I can see why this took you some time to complete.

Your attention to detail is great, it is a shame the attached images are not bigger so that more of your work can be seen.

Cool stuff hope you post more soon ish.

+Reppage.


----------



## spanner94ezekiel (Jan 6, 2011)

Cool stuff dude  +rep


----------



## Azwaz (Feb 16, 2011)

It took me ages just to figure out how to attatch them at all! I'm not used to doing it : ). To be honest I'm not sure the quality of the pictures is that great, and I wasnt sure what size to post them... I'll endevour put some better ones up next time. Well its in the hands of my friend now, he's pretty good at painting so once its done I'll get more pictures up again.

I probably wouldnt have put that much effort into something for anyone else, I know he really appreciates that kinda thing... we're both really into the details, mythology/story behind stuff... I quite enjoyed making it, but the pressure was on as his birthday crept up!

Thanks for the extra rep guys. this is all very new for me : D


----------



## Azwaz (Feb 16, 2011)

Viscount Vash said:


> Your attention to detail is great, it is a shame the attached images are not bigger so that more of your work can be seen.


Those are the only picturs I have, a friend has some others I think... if anyone wants to see a specific bit more closely, I can try and get a better picture of that from what I have but I dont want ot put MASSIVE repeat pictures up for people to wade through.


----------



## Maidel (Jun 28, 2009)

Often I dont like something because I feel its not 'fluffy'.

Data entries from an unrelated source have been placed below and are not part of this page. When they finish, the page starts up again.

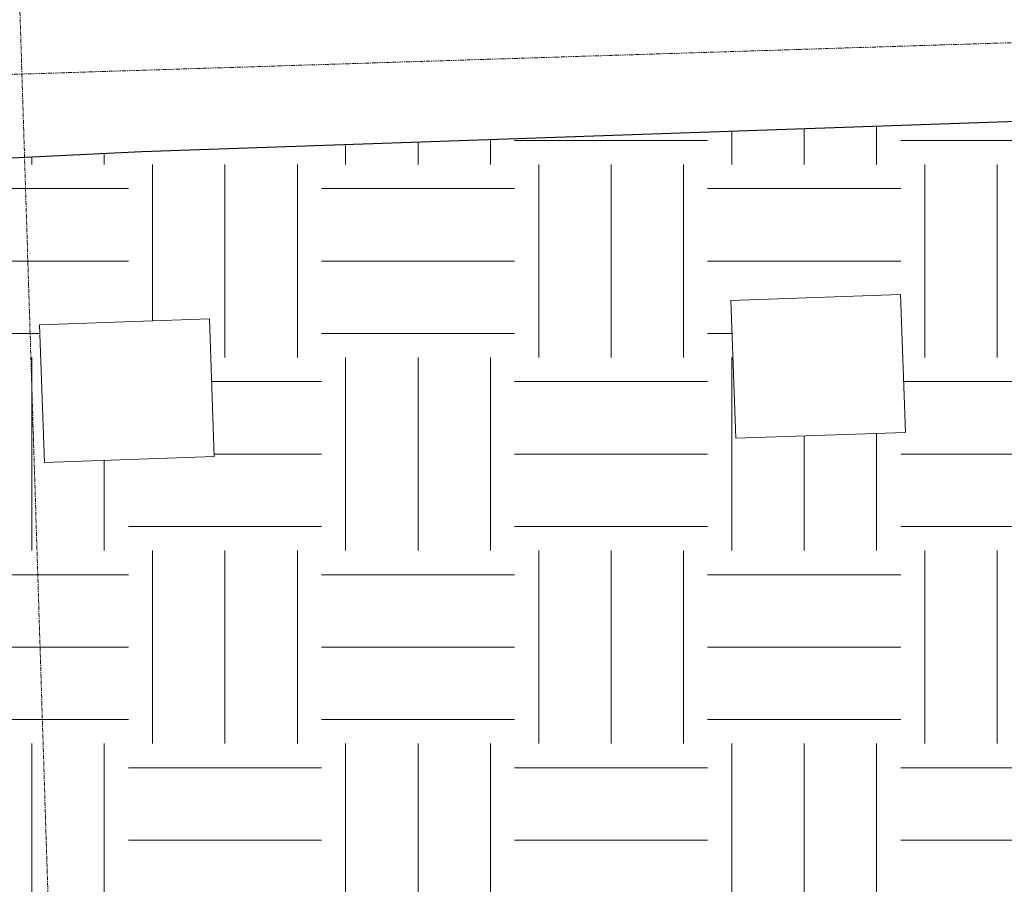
# Model space of a CAD drawing. Header units: millimetres. Extents: x 853417 to 929373, y -433185 to -369260.
# Tile 63 of 228: x 866058 to 869296, y -420549 to -417705. Entities that reach past the tile are written whole.
import ezdxf

# ---------------------------------------------------------------- set-up
doc = ezdxf.new("R2010")
doc.units = ezdxf.units.MM
doc.linetypes.add('Grid Line', pattern=[22.225, 12.7, -3.175, 3.175, -3.175])
for name, color, linetype, lineweight in [('I-FURN', 7, 'Continuous', 9), ('KOKO-FLOR-PATT', 7, 'Continuous', 9), ('KOKO-GRID', 7, 'Continuous', 9), ('KOKO-WALL', 7, 'Continuous', 9), ('KOKO_WALL', 7, 'Continuous', 9)]:
    doc.layers.add(name, color=color, linetype=linetype, lineweight=lineweight)

# ---------------------------------------------------------------- blocks, each defined once
blk = doc.blocks.new('Ol_olev sisesein 8 - SS-01-1455119-1 korrus_SA_kunstihanke plaan')
at = {"layer": 'KOKO-WALL', "lineweight": 25}
for p, q in [((445384.9, 852774.5), (445372.1, 857080.3)), ((445411.4, 851154.7), (445384.9, 852774.5))]:
    blk.add_line(p, q, dxfattribs=at)
blk = doc.blocks.new('Furniture_Chairs-Stools-Benches_inoff_Bizz-high-with-wheels - Default-3473614-1 korrus_SA_kunstihanke plaan')
at = {"layer": 'I-FURN'}
for p, q in [((-187.9, 308.7), (265.9, 308.7)), ((-187.9, -250.1), (-187.9, 308.7)), ((265.9, 308.7), (265.9, -250.1)), ((265.9, -250.1), (-187.9, -250.1))]:
    blk.add_line(p, q, dxfattribs=at)
blk = doc.blocks.new('Furniture_Chairs-Stools-Benches_inoff_Bizz-high-with-wheels - Default-2460235-1 korrus_SA_kunstihanke plaan')
at = {"layer": 'I-FURN'}
for p, q in [((265.9, 250.1), (-187.9, 250.1)), ((-187.9, 250.1), (-187.9, -308.7)), ((265.9, -308.7), (265.9, 250.1)), ((-187.9, -308.7), (265.9, -308.7))]:
    blk.add_line(p, q, dxfattribs=at)

msp = doc.modelspace()

# ---------------------------------------------------------------- hatches: boundary and pattern name
at = {"layer": 'KOKO-FLOR-PATT', "true_color": 0x800000}
h = msp.add_hatch(dxfattribs=at)
h.set_pattern_fill('FP_21', color=16, style=0, pattern_type=2)
h.set_pattern_definition([(0, (463824.66, -1284242.16), (635, 635), [635, -635]), (0, (463824.66, -1284004.04), (635, 635), [635, -635]), (0, (463824.66, -1283765.9), (635, 635), [635, -635]), (90, (463904.03, -1283686.54), (-635, 635), [635, -635]), (90, (464142.16, -1283686.54), (-635, 635), [635, -635]), (90, (464380.3, -1283686.54), (-635, 635), [635, -635])])
h.paths.add_polyline_path([(864389.7, -421255.4), (866869.6, -421191.7), (870787, -421047.6), (870784.9, -421045.7), (870778.7, -420834.8), (870799.4, -420832.2), (870839.7, -420831), (870839.2, -420815), (870881.2, -420813.8), (870881.2, -420802.8), (870899.8, -420802.3), (870899.7, -420798.2), (870876.8, -420800), (870877.1, -420810.9), (870839.1, -420812), (870812.1, -419880.4), (870849.8, -419879.3), (870852.2, -419891.2), (870873.1, -419890.6), (870871, -419886.7), (870854, -419887.2), (870851.5, -419876.2), (870811.7, -419877.4), (870811.2, -419861.4), (870750.2, -419861.2), (870745.9, -419648.2), (870850.9, -419644.7), (870827.4, -418845.5), (870842.4, -418844.5), (870818.9, -418047.3), (870764.8, -418049), (870762.9, -417989), (866459.7, -418138.2), (864841.6, -418216.1), (864390.8, -421248)], flags=0)
h.paths.add_polyline_path([(867179.3, -421174.6), (867164.1, -420733.3), (868363.4, -420692.1), (868363.2, -420686.1), (869562.7, -420644.9), (869577.9, -421086.1), (868378.5, -421127.4), (868378.8, -421133.3), (867350.4, -421168.7)], flags=0)
h.paths.add_polyline_path([(870783.4, -420856.7), (870799.4, -420856.2), (870799.2, -420850.2), (870783.2, -420850.7), (870783.4, -420856.4)], flags=0)
h.paths.add_polyline_path([(870873.9, -420839.4), (870889.9, -420838.9), (870889.7, -420832.9), (870873.7, -420833.4), (870873.9, -420839.2)], flags=0)
h.paths.add_polyline_path([(870785.6, -420099.7), (870794.9, -420100.9), (870794.8, -420098.8), (870786, -420099.7)], flags=0)
h.paths.add_polyline_path([(870786, -420090.4), (870782, -420091.7), (870785.8, -420095.1), (870786, -420090.5)], flags=0)
h.paths.add_polyline_path([(870790.1, -420111.8), (870782, -420106.8), (870773, -420094.9), (870775.2, -420090.7), (870772.5, -420090.5), (870771.3, -420006.7), (870774.4, -420004.7), (870770.5, -420001.6), (870775.5, -419993.6), (870787.4, -419984.6), (870791.5, -419986.7), (870791.7, -419985.3), (870812.1, -419986.7), (870811.2, -420000.3), (870791.9, -419998.8), (870790.2, -419993.7), (870782.6, -419997.1), (870781.4, -420006.4), (870788.1, -420006.4), (870789.3, -420090.3), (870786.1, -420090.5), (870795, -420098.8), (870805.4, -420100.6), (870805.5, -420107.4), (870795, -420105.7), (870790.3, -420111.5)], flags=0)
h.paths.add_polyline_path([(870783.5, -420006.4), (870783.8, -419997.2), (870790.2, -419999.4), (870783.6, -420006.3)], flags=0)
h.paths.add_polyline_path([(870845.1, -419857), (870861.1, -419856.5), (870860.9, -419850.5), (870844.9, -419851), (870845.1, -419856.8)], flags=0)
h.paths.add_polyline_path([(870753.7, -419845.1), (870769.7, -419844.6), (870769.5, -419838.6), (870753.5, -419839.1)], flags=0)
h.paths.add_polyline_path([(866139.1, -419161.5), (866123.2, -418708), (866681.7, -418688.4), (866697.6, -419141.9), (866459.7, -419150.3)], flags=0)
h.paths.add_polyline_path([(868412.4, -419081.8), (868396.5, -418628.2), (868954.9, -418608.6), (868970.8, -419062.2)], flags=0)

# ---------------------------------------------------------------- linework, layer by layer
at = {"layer": 'KOKO-GRID', "linetype": 'Grid Line'}
for p, q in [((866483.5, -431087.1), (864622.9, -372401.8)), ((887844, -417193), (856107.9, -418199.2))]:
    msp.add_line(p, q, dxfattribs=at)

# ---------------------------------------------------------------- block references
at = {"layer": 'I-FURN'}
for name, p, rotation in [('Furniture_Chairs-Stools-Benches_inoff_Bizz-high-with-wheels - Default-3473614-1 korrus_SA_kunstihanke plaan', (868714.4, -418883.1), 92.0101546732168), ('Furniture_Chairs-Stools-Benches_inoff_Bizz-high-with-wheels - Default-2460235-1 korrus_SA_kunstihanke plaan', (866382.4, -418965), 92.01015467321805)]:
    msp.add_blockref(name, p, dxfattribs=dict(at, rotation=rotation))
at = {"layer": 'KOKO_WALL', "rotation": 271.815909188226}
msp.add_blockref('Ol_olev sisesein 8 - SS-01-1455119-1 korrus_SA_kunstihanke plaan', (0, 0), dxfattribs=at)

doc.saveas('drawing.dxf')

However in this case I simply dont care 

Make sure your friend does it justice with the paint job!


----------



## DestroyerHive (Dec 22, 2009)

Fantastic work.


----------



## Flindo (Oct 30, 2010)

I imagine it will look quite excellent painted.


----------



## Anarkitty (Jul 29, 2008)

I love it. The fact that a Nids player gave it as a gift to an Orks player just makes it 100x more awesome too.
The concept is great, and the execution is even better.
Totally +rep


----------



## Azwaz (Feb 16, 2011)

Anarkitty said:


> The fact that a Nids player gave it as a gift to an Orks player just makes it 100x more awesome too.


He's worth the effort, he really appreciates stuff like this. Besides, hes kicked my ass with Eldar, Chaos, Orks and no doubt his Space Wolves once he finishes them. I told him if his Eldar Wraithlord killed my carnifex in hand to hand without help I would give him a spare head as a trophy to include in a converstion of the wraithlord overcoming a carnifex.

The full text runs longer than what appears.